In your copy, include every line of the records exactly and no picture at all.

○ ○ ○ ○ ○

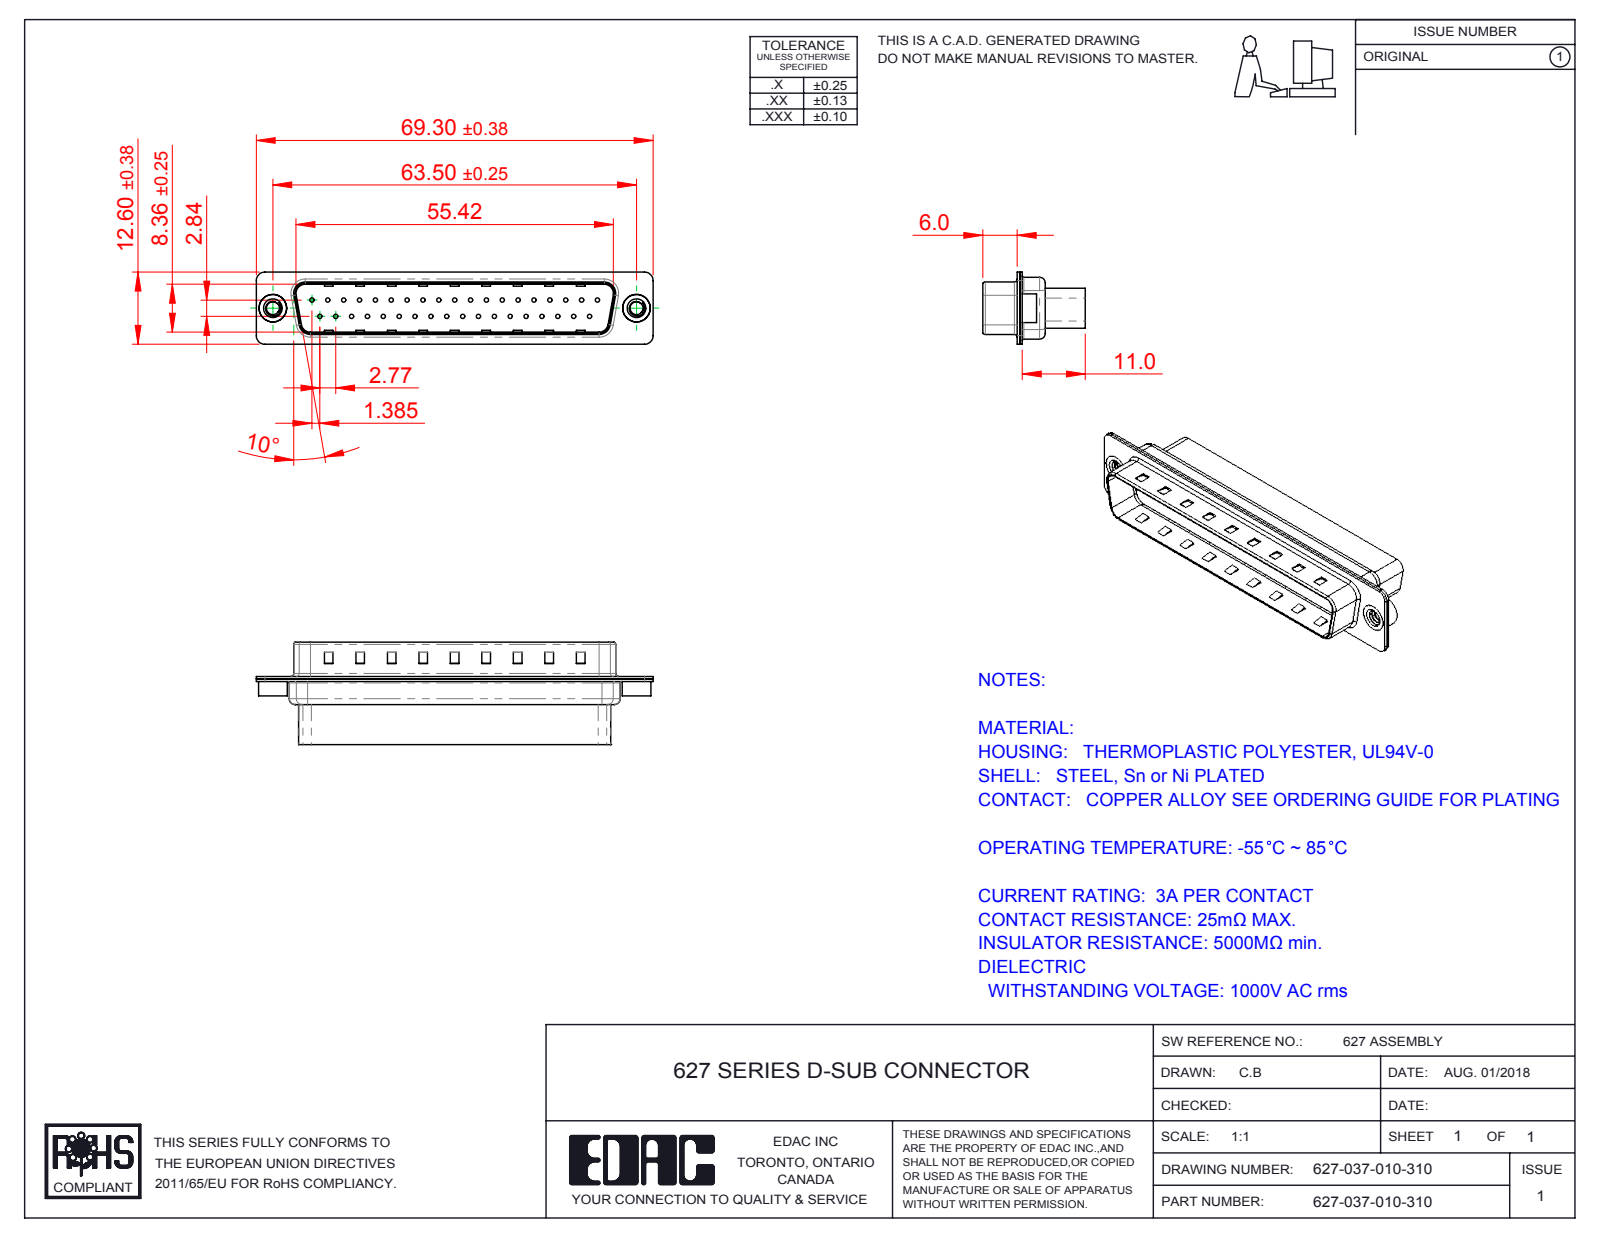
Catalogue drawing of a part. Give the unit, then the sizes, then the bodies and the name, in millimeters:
Units: millimetres
Overall size (bounding box): 69.3 × 17.9 × 12.6
Round holes (diameter × count): ⌀0.75 ×37, ⌀1.6 ×37, ⌀2 ×37, ⌀2.26 ×2, ⌀4 ×2, ⌀4.8 ×2
Round bosses / shafts (diameter × count): ⌀5 ×2, ⌀4.9 ×2
Partial cylindrical surfaces — rounded edges, fillets, slot ends (radius × count): R1.5 ×16, R2 ×12, R0.5 ×8, R1.6 ×8, R0.25 ×4, R0.6 ×4, R0.65 ×4, R0.9 ×4
Main face-to-face distances: 0.4, 0.82, 9.58, 0.68, 7.68, 0.45, 1.08, 8.08, 8.76, 7
Hole centre spacings: 3.16, 2.77, 5.54, 8.31, 5.04, 10.1, 11.08, 12.78
Volume: 5 019 mm³ · Surface area: 9 026 mm²
Bodies: 5 solids, 704 faces (277 planar, 361 cylindrical, 66 other)
Part name (STEP PRODUCT): 627 Housing_37 HP; 627 Shell Front_37 Contacts; 627 4-40 Threaded Rivet; 627-037-010-310 (+1 more)
STEP written by: SolidWorks 2016 (CONFIG_CONTROL_DESIGN)

○ ○ ○ ○ ○

Exercise response »
Catalogue drawing of a part. Give the unit, then the sizes, then the bodies and the name, in millimeters:
Units: millimetres
Overall size (bounding box): 69.3 × 17.9 × 12.6
Round holes (diameter × count): ⌀0.75 ×37, ⌀1.6 ×37, ⌀2 ×37, ⌀2.26 ×2, ⌀4 ×2, ⌀4.8 ×2
Round bosses / shafts (diameter × count): ⌀5 ×2, ⌀4.9 ×2
Partial cylindrical surfaces — rounded edges, fillets, slot ends (radius × count): R1.5 ×16, R2 ×12, R0.5 ×8, R1.6 ×8, R0.25 ×4, R0.6 ×4, R0.65 ×4, R0.9 ×4
Main face-to-face distances: 0.4, 0.82, 9.58, 0.68, 7.68, 0.45, 1.08, 8.08, 8.76, 7
Hole centre spacings: 3.16, 2.77, 5.54, 8.31, 5.04, 10.1, 11.08, 12.78
Volume: 5 019 mm³ · Surface area: 9 026 mm²
Bodies: 5 solids, 704 faces (277 planar, 361 cylindrical, 66 other)
Part name (STEP PRODUCT): 627 Housing_37 HP; 627 Shell Front_37 Contacts; 627 4-40 Threaded Rivet; 627-037-010-310 (+1 more)
STEP written by: SolidWorks 2016 (CONFIG_CONTROL_DESIGN)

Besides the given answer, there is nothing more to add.